**TASK TO COMPLETE**
Return all lines from the listing below in which "spatial" appears.

**EXTRACTED INFORMATION**
◆ ◆ ◆ ◆ ◆ ◆ ◆
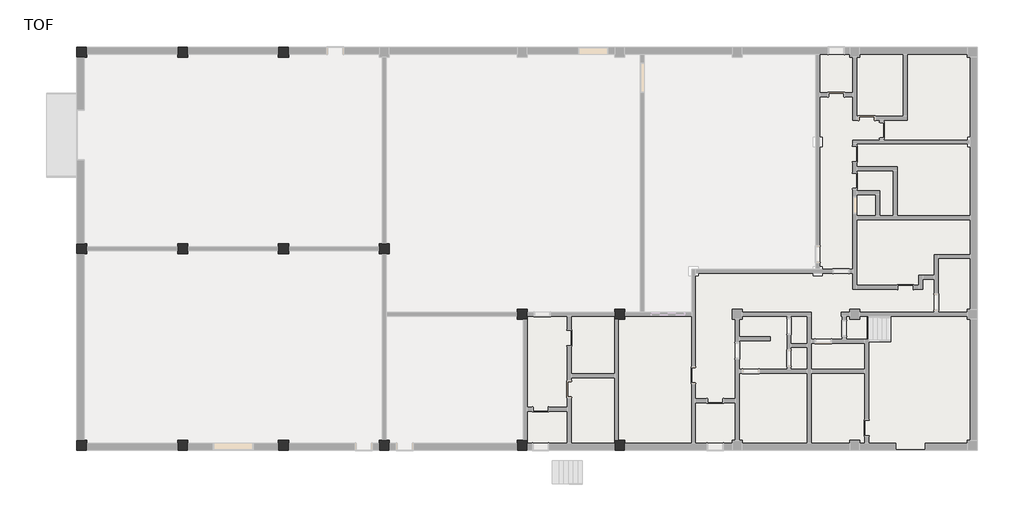
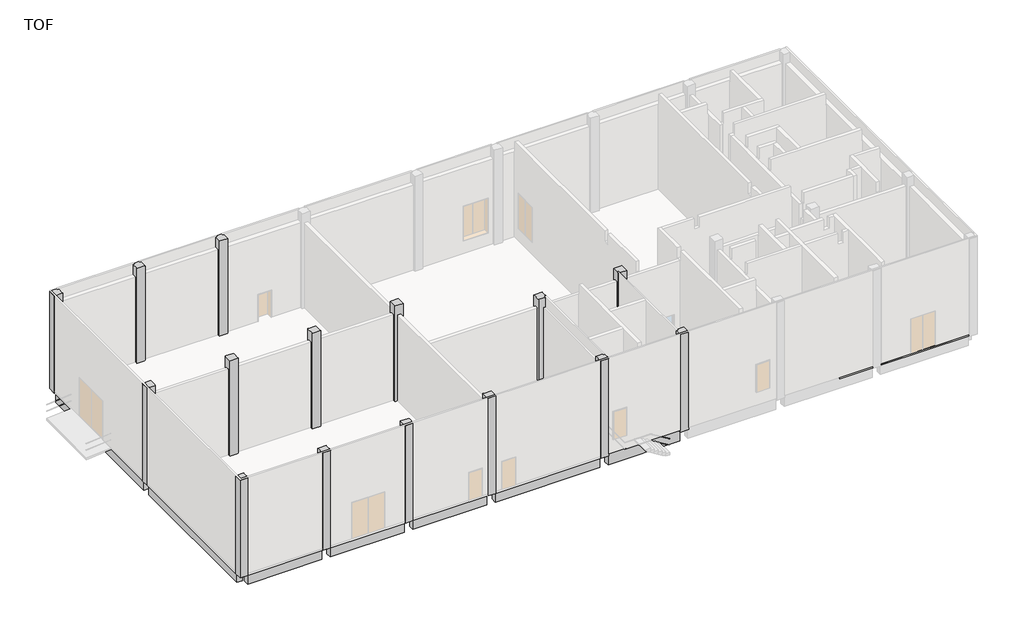
# One storey, part 4 of 5: 15 columns, 9 beams, 4 slabs.
"""IFC4 building model written with IfcOpenShell, lengths in millimetres."""

from ifc_helpers import new_model, si_unit, frame, origin, place, context, project, spatial, polyline, outline, extrude, faceted_brep, element, save

model = new_model("IFC4")

# Units and contexts
model_context = context("Model", 3, world=origin())
ifc_project = project(units=[si_unit("LENGTHUNIT", "METRE", prefix="MILLI")], contexts=[model_context])

# Site, building, storey
site = spatial("IfcSite", under=ifc_project)
building = spatial("IfcBuilding", under=site)
storey = spatial("IfcBuildingStorey", under=building, Name="TOF", Elevation=150.0)

# Beams
placement = place(None, origin())
element("IfcBeam", 1, ObjectType="RC Beam_Rectangular : H_SB_ACB_B400xH900", at=placement, inside=storey, context=model_context, shape_type="SweptSolid", body=[
    extrude(outline(polyline([(124.7, 12616.5208589), (-275.3, 12616.5208589), (-275.3, 23716.5208589), (124.7, 23716.5208589), (124.7, 12616.5208589)])), frame((0.0, 0.0, -750.0), z_axis=(0.0, 0.0, 1.0), x_axis=(1.0, 0.0, 0.0)), (0.0, 0.0, 1.0), 800.0),
])
element("IfcBeam", 2, ObjectType="RC Beam_Rectangular : H_SB_ACB_B400xH900", at=placement, inside=storey, context=model_context, shape_type="SweptSolid", body=[
    extrude(outline(polyline([(124.7, 916.5208589), (-275.3, 916.5208589), (-275.3, 12016.5208589), (124.7, 12016.5208589), (124.7, 916.5208589)])), frame((0.0, 0.0, -750.0), z_axis=(0.0, 0.0, 1.0), x_axis=(1.0, 0.0, 0.0)), (0.0, 0.0, 1.0), 750.0),
])
element("IfcBeam", 3, ObjectType="RC Beam_Rectangular : H_SB_ACB_B400xH900", at=placement, inside=storey, context=model_context, shape_type="SweptSolid", body=[
    extrude(outline(polyline([(5624.7, 24216.5208589), (5624.7, 23816.5208589), (224.7, 23816.5208589), (224.7, 24216.5208589), (5624.7, 24216.5208589)])), frame((0.0, 0.0, -750.0), z_axis=(0.0, 0.0, 1.0), x_axis=(1.0, 0.0, 0.0)), (0.0, 0.0, 1.0), 800.0),
])
element("IfcBeam", 4, ObjectType="RC Beam_Rectangular : H_SB_ACB_B400xH900", at=placement, inside=storey, context=model_context, shape_type="SweptSolid", body=[
    extrude(outline(polyline([(11624.7, 24216.5208589), (11624.7, 23816.5208589), (6224.7, 23816.5208589), (6224.7, 24216.5208589), (11624.7, 24216.5208589)])), frame((0.0, 0.0, -750.0), z_axis=(0.0, 0.0, 1.0), x_axis=(1.0, 0.0, 0.0)), (0.0, 0.0, 1.0), 800.0),
])
element("IfcBeam", 5, ObjectType="RC Beam_Rectangular : H_SB_ACB_B400xH900", at=placement, inside=storey, context=model_context, shape_type="SweptSolid", body=[
    extrude(outline(polyline([(5624.7, 816.5208589), (5624.7, 416.5208589), (224.7, 416.5208589), (224.7, 816.5208589), (5624.7, 816.5208589)])), frame((0.0, 0.0, -750.0), z_axis=(0.0, 0.0, 1.0), x_axis=(1.0, 0.0, 0.0)), (0.0, 0.0, 1.0), 750.0),
])
element("IfcBeam", 6, ObjectType="RC Beam_Rectangular : H_SB_ACB_B400xH900", at=placement, inside=storey, context=model_context, shape_type="SweptSolid", body=[
    extrude(outline(polyline([(11624.7, 816.5208589), (11624.7, 416.5208589), (6224.7, 416.5208589), (6224.7, 816.5208589), (11624.7, 816.5208589)])), frame((0.0, 0.0, -750.0), z_axis=(0.0, 0.0, 1.0), x_axis=(1.0, 0.0, 0.0)), (0.0, 0.0, 1.0), 750.0),
])
element("IfcBeam", 7, ObjectType="RC Beam_Rectangular : H_SB_ACB_B400xH900", at=placement, inside=storey, context=model_context, shape_type="SweptSolid", body=[
    extrude(outline(polyline([(17624.7, 816.5208589), (17624.7, 416.5208589), (12224.7, 416.5208589), (12224.7, 816.5208589), (17624.7, 816.5208589)])), frame((0.0, 0.0, -750.0), z_axis=(0.0, 0.0, 1.0), x_axis=(1.0, 0.0, 0.0)), (0.0, 0.0, 1.0), 750.0),
])
element("IfcBeam", 8, ObjectType="RC Beam_Rectangular : H_SB_ACB_B400xH900", at=placement, inside=storey, context=model_context, shape_type="SweptSolid", body=[
    extrude(outline(polyline([(25824.7, 816.5208589), (25824.7, 416.5208589), (18224.7, 416.5208589), (18224.7, 816.5208589), (25824.7, 816.5208589)])), frame((0.0, 0.0, -750.0), z_axis=(0.0, 0.0, 1.0), x_axis=(1.0, 0.0, 0.0)), (0.0, 0.0, 1.0), 750.0),
])
element("IfcBeam", 9, ObjectType="RC Beam_Rectangular : H_SB_ACB_B400xH900", at=placement, inside=storey, context=model_context, shape_type="Brep", body=[
    faceted_brep([(26424.7, 816.5208589, 150.0), (26424.7, 746.5208589, 150.0), (26424.7, 416.5208589, 150.0), (31624.7, 416.5208589, 150.0), (31624.7, 746.5208589, 150.0), (31624.7, 816.5208589, 150.0), (26424.7, 416.5208589, -750.0), (31624.7, 416.5208589, -750.0), (26424.7, 816.5208589, -750.0), (31624.7, 816.5208589, -750.0)], [[[0, 1, 2, 3, 4, 5]], [[2, 6, 7, 3]], [[6, 8, 9, 7]], [[8, 0, 5, 9]], [[2, 1, 0, 8, 6]], [[5, 4, 3, 7, 9]]]),
])

# Columns
element("IfcColumn", 10, ObjectType="RC_Column_Rectangular : H_SC_ACC_W600xL600", at=placement, inside=storey, context=model_context, shape_type="Brep", body=[
    faceted_brep([(224.7, 12616.5208589, 0.0), (224.7, 12316.5208589, 0.0), (224.7, 12016.5208589, 0.0), (-375.3, 12016.5208589, 0.0), (-375.3, 12616.5208589, 0.0), (224.7, 12616.5208589, 7500.0), (224.7, 12516.5208589, 7500.0), (224.7, 12116.5208589, 7500.0), (224.7, 12016.5208589, 7500.0), (224.7, 12016.5208589, 150.0), (224.7, 12616.5208589, 50.0), (224.7, 12616.5208589, 200.0), (124.7, 12016.5208589, 7500.0), (-275.3, 12016.5208589, 7500.0), (-375.3, 12016.5208589, 7500.0), (-375.3, 12016.5208589, 150.0), (-375.3, 12616.5208589, 7500.0), (-375.3, 12616.5208589, 150.0), (-375.3, 12616.5208589, 50.0), (-275.3, 12616.5208589, 7500.0), (124.7, 12616.5208589, 7500.0)], [[[0, 1, 2, 3, 4]], [[5, 6, 7, 8, 9, 2, 1, 0, 10, 11]], [[8, 12, 13, 14, 15, 3, 2, 9]], [[14, 16, 17, 18, 4, 3, 15]], [[16, 19, 20, 5, 11, 10, 0, 4, 18, 17]], [[5, 20, 19, 16, 14, 13, 12, 8, 7, 6]]]),
])
element("IfcColumn", 11, ObjectType="RC_Column_Rectangular : H_SC_ACC_W600xL600", at=placement, inside=storey, context=model_context, shape_type="Brep", body=[
    faceted_brep([(6224.7, 12616.5208589, 0.0), (6224.7, 12316.5208589, 0.0), (6224.7, 12016.5208589, 0.0), (5624.7, 12016.5208589, 0.0), (5624.7, 12316.5208589, 0.0), (5624.7, 12616.5208589, 0.0), (6224.7, 12616.5208589, 7500.0), (6224.7, 12516.5208589, 7500.0), (6224.7, 12116.5208589, 7500.0), (6224.7, 12016.5208589, 7500.0), (6224.7, 12016.5208589, 150.0), (6224.7, 12616.5208589, 50.0), (6224.7, 12616.5208589, 200.0), (6124.7, 12016.5208589, 7500.0), (5724.7, 12016.5208589, 7500.0), (5624.7, 12016.5208589, 7500.0), (5624.7, 12016.5208589, 150.0), (5624.7, 12116.5208589, 7500.0), (5624.7, 12516.5208589, 7500.0), (5624.7, 12616.5208589, 7500.0), (5624.7, 12616.5208589, 200.0), (5624.7, 12616.5208589, 50.0), (5724.7, 12616.5208589, 7500.0), (6124.7, 12616.5208589, 7500.0)], [[[0, 1, 2, 3, 4, 5]], [[6, 7, 8, 9, 10, 2, 1, 0, 11, 12]], [[9, 13, 14, 15, 16, 3, 2, 10]], [[15, 17, 18, 19, 20, 21, 5, 4, 3, 16]], [[19, 22, 23, 6, 12, 11, 0, 5, 21, 20]], [[6, 23, 22, 19, 18, 17, 15, 14, 13, 9, 8, 7]]]),
])
element("IfcColumn", 12, ObjectType="RC_Column_Rectangular : H_SC_ACC_W600xL600", at=placement, inside=storey, context=model_context, shape_type="Brep", body=[
    faceted_brep([(12224.7, 12616.5208589, 0.0), (12224.7, 12316.5208589, 0.0), (12224.7, 12016.5208589, 0.0), (11624.7, 12016.5208589, 0.0), (11624.7, 12316.5208589, 0.0), (11624.7, 12616.5208589, 0.0), (12224.7, 12616.5208589, 7500.0), (12224.7, 12516.5208589, 7500.0), (12224.7, 12116.5208589, 7500.0), (12224.7, 12016.5208589, 7500.0), (12224.7, 12016.5208589, 150.0), (12224.7, 12616.5208589, 50.0), (12224.7, 12616.5208589, 200.0), (12124.7, 12016.5208589, 7500.0), (11724.7, 12016.5208589, 7500.0), (11624.7, 12016.5208589, 7500.0), (11624.7, 12016.5208589, 150.0), (11624.7, 12116.5208589, 7500.0), (11624.7, 12516.5208589, 7500.0), (11624.7, 12616.5208589, 7500.0), (11624.7, 12616.5208589, 200.0), (11624.7, 12616.5208589, 50.0), (11724.7, 12616.5208589, 7500.0), (12124.7, 12616.5208589, 7500.0)], [[[0, 1, 2, 3, 4, 5]], [[6, 7, 8, 9, 10, 2, 1, 0, 11, 12]], [[9, 13, 14, 15, 16, 3, 2, 10]], [[15, 17, 18, 19, 20, 21, 5, 4, 3, 16]], [[19, 22, 23, 6, 12, 11, 0, 5, 21, 20]], [[6, 23, 22, 19, 18, 17, 15, 14, 13, 9, 8, 7]]]),
])
element("IfcColumn", 13, ObjectType="RC_Column_Rectangular : H_SC_ACC_W600xL600", at=placement, inside=storey, context=model_context, shape_type="Brep", body=[
    faceted_brep([(18224.7, 12616.5208589, 0.0), (18224.7, 12016.5208589, 0.0), (17924.7, 12016.5208589, 0.0), (17624.7, 12016.5208589, 0.0), (17624.7, 12316.5208589, 0.0), (17624.7, 12616.5208589, 0.0), (18224.7, 12616.5208589, 7500.0), (18224.7, 12516.5208589, 7500.0), (18224.7, 12116.5208589, 7500.0), (18224.7, 12016.5208589, 7500.0), (18224.7, 12016.5208589, 200.0), (18224.7, 12016.5208589, 50.0), (18224.7, 12616.5208589, 50.0), (18224.7, 12616.5208589, 200.0), (18124.7, 12016.5208589, 7500.0), (17724.7, 12016.5208589, 7500.0), (17624.7, 12016.5208589, 7500.0), (17624.7, 12016.5208589, 150.0), (17624.7, 12116.5208589, 7500.0), (17624.7, 12516.5208589, 7500.0), (17624.7, 12616.5208589, 7500.0), (17624.7, 12616.5208589, 200.0), (17624.7, 12616.5208589, 50.0), (17724.7, 12616.5208589, 7500.0), (18124.7, 12616.5208589, 7500.0)], [[[0, 1, 2, 3, 4, 5]], [[6, 7, 8, 9, 10, 11, 1, 0, 12, 13]], [[9, 14, 15, 16, 17, 3, 2, 1, 11, 10]], [[16, 18, 19, 20, 21, 22, 5, 4, 3, 17]], [[20, 23, 24, 6, 13, 12, 0, 5, 22, 21]], [[6, 24, 23, 20, 19, 18, 16, 15, 14, 9, 8, 7]]]),
])
element("IfcColumn", 14, ObjectType="RC_Column_Rectangular : H_SC_ACC_W600xL600", at=placement, inside=storey, context=model_context, shape_type="Brep", body=[
    faceted_brep([(224.7, 24316.5208589, 0.0), (224.7, 23716.5208589, 0.0), (-375.3, 23716.5208589, 0.0), (-375.3, 24316.5208589, 0.0), (224.7, 24316.5208589, 7500.0), (224.7, 24216.5208589, 7500.0), (224.7, 23816.5208589, 7500.0), (224.7, 23716.5208589, 7500.0), (224.7, 23716.5208589, 200.0), (224.7, 23716.5208589, 50.0), (224.7, 24316.5208589, 50.0), (224.7, 24316.5208589, 150.0), (124.7, 23716.5208589, 7500.0), (-275.3, 23716.5208589, 7500.0), (-375.3, 23716.5208589, 7500.0), (-375.3, 23716.5208589, 150.0), (-375.3, 23716.5208589, 50.0), (-375.3, 23886.5208589, 7500.0), (-375.3, 24316.5208589, 7500.0), (-275.3, 24316.5208589, 7500.0), (124.7, 24316.5208589, 7500.0)], [[[0, 1, 2, 3]], [[4, 5, 6, 7, 8, 9, 1, 0, 10, 11]], [[7, 12, 13, 14, 15, 16, 2, 1, 9, 8]], [[14, 17, 18, 3, 2, 16, 15]], [[18, 19, 20, 4, 11, 10, 0, 3]], [[4, 20, 19, 18, 17, 14, 13, 12, 7, 6, 5]]]),
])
◆ ◆ ◆ ◆ ◆ ◆ ◆
**EXERCISE SOLUTION**
from ifc_helpers import new_model, si_unit, frame, origin, place, context, project, spatial, polyline, outline, extrude, faceted_brep, element, save
site = spatial("IfcSite", under=ifc_project)
building = spatial("IfcBuilding", under=site)
storey = spatial("IfcBuildingStorey", under=building, Name="TOF", Elevation=150.0)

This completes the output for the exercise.